REMINISCING ABOUT A CHINESE RESTAURANT
Last night I ate dinner
in a Chinese restaurant
roast pork and mashed potatoes,
rice and corn, a wedge of custard pie.
Others were eating rice
with beancake and cha siu
One man ate corned beef and cabbage
and shimmering Jello cubes
Glasses clang, silverware shook,
Oil sizzled to another Chinese restaurant
to Chinatown, a girl
who washed glasses, wipe forks, knives and spoons,
who typed the next day’s menu
who squeezed oranges for juice,
large, small,
but always fresh.
In the back kitchen in the damp air
a man bakes apple pies and banana shortcakes
a cigarette dangles from his mouth,
his eyes half closed.
When the afternoon off comes,
he shuffles off to his rented room, pulls up his sleeve,
sticks a needle into his arm.
He escapes, orange, delicious,
and I run upstairs, stuff myself
with strawberry pie.
My skin rises in hives,
my skin wants orange, wants delicious.
I awaken.
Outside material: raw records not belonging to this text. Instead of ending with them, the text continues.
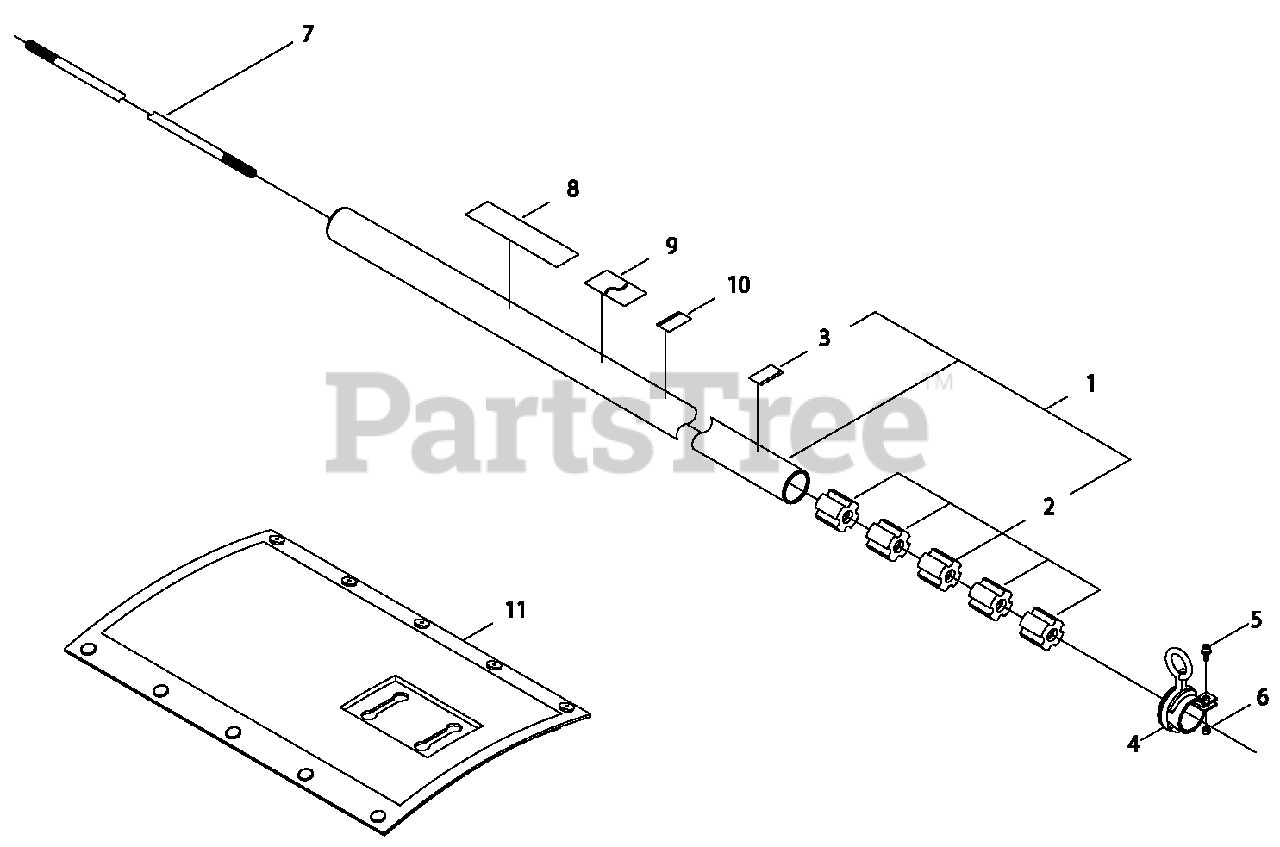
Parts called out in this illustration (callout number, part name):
1	MAIN PIPE ASSY
2	BUSHING
3	LABEL - ALIGNMENT
4	HANGER ASSY
5	SCREW - 5X12
6	NUT - 5
7	DRIVESHAFT
8	LABEL - SHINDAIWA PROFESSIONAL
9	LABEL - CAUTION
10	LABEL - HANDLE LOCATION
11	PROTECTOR

More dishes, more menus.
I refill the sugar jars.
Granules sparkle, I cover them up
and salt shakers take precedence
on the Formica counter
in wooden booths.
Slide and run, run and hide,
wait on those who inhabit
this Chinese restaurant.
A man with a crutch and one leg
limps downstairs from the Aloha Hotel,
sips his dinner of black coffee
and sugared “bombs.”
A shriner and his wife, with wide smiles,
eat halibut steak, rice and gravy
and apple pie.
The shriner shakes his tassel with authority.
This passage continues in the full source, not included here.